* [Record excerpts]:
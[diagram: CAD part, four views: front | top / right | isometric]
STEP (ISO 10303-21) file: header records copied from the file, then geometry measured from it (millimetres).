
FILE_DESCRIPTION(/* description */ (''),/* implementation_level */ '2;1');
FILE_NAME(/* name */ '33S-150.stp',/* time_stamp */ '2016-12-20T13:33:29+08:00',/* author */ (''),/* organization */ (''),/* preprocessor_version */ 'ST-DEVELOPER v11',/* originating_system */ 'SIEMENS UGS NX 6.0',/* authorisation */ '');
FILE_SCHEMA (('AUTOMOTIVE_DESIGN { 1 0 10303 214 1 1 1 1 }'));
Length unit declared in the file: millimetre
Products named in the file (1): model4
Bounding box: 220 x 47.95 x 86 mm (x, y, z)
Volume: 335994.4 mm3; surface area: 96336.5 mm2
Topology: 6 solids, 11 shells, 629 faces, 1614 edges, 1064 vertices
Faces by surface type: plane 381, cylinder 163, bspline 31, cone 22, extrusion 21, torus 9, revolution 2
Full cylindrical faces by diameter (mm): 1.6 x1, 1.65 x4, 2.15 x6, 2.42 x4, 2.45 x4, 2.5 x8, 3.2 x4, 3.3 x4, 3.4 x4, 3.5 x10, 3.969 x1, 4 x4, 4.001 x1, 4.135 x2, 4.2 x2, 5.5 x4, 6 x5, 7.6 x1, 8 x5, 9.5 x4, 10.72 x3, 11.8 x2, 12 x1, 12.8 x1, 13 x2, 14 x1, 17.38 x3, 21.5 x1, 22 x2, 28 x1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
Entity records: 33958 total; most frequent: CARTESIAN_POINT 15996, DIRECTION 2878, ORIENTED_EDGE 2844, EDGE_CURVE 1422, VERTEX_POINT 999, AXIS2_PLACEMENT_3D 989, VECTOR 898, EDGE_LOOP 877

* [Activity]:
Restate the records word for word, keeping every line.

* [Task output]:
[diagram: CAD part, four views: front | top / right | isometric]
STEP (ISO 10303-21) file: header records copied from the file, then geometry measured from it (millimetres).
FILE_DESCRIPTION(/* description */ (''),/* implementation_level */ '2;1');
FILE_NAME(/* name */ '33S-150.stp',/* time_stamp */ '2016-12-20T13:33:29+08:00',/* author */ (''),/* organization */ (''),/* preprocessor_version */ 'ST-DEVELOPER v11',/* originating_system */ 'SIEMENS UGS NX 6.0',/* authorisation */ '');
FILE_SCHEMA (('AUTOMOTIVE_DESIGN { 1 0 10303 214 1 1 1 1 }'));
Length unit declared in the file: millimetre
Products named in the file (1): model4
Bounding box: 220 x 47.95 x 86 mm (x, y, z)
Volume: 335994.4 mm3; surface area: 96336.5 mm2
Topology: 6 solids, 11 shells, 629 faces, 1614 edges, 1064 vertices
Faces by surface type: plane 381, cylinder 163, bspline 31, cone 22, extrusion 21, torus 9, revolution 2
Full cylindrical faces by diameter (mm): 1.6 x1, 1.65 x4, 2.15 x6, 2.42 x4, 2.45 x4, 2.5 x8, 3.2 x4, 3.3 x4, 3.4 x4, 3.5 x10, 3.969 x1, 4 x4, 4.001 x1, 4.135 x2, 4.2 x2, 5.5 x4, 6 x5, 7.6 x1, 8 x5, 9.5 x4, 10.72 x3, 11.8 x2, 12 x1, 12.8 x1, 13 x2, 14 x1, 17.38 x3, 21.5 x1, 22 x2, 28 x1
Entity records: 33958 total; most frequent: CARTESIAN_POINT 15996, DIRECTION 2878, ORIENTED_EDGE 2844, EDGE_CURVE 1422, VERTEX_POINT 999, AXIS2_PLACEMENT_3D 989, VECTOR 898, EDGE_LOOP 877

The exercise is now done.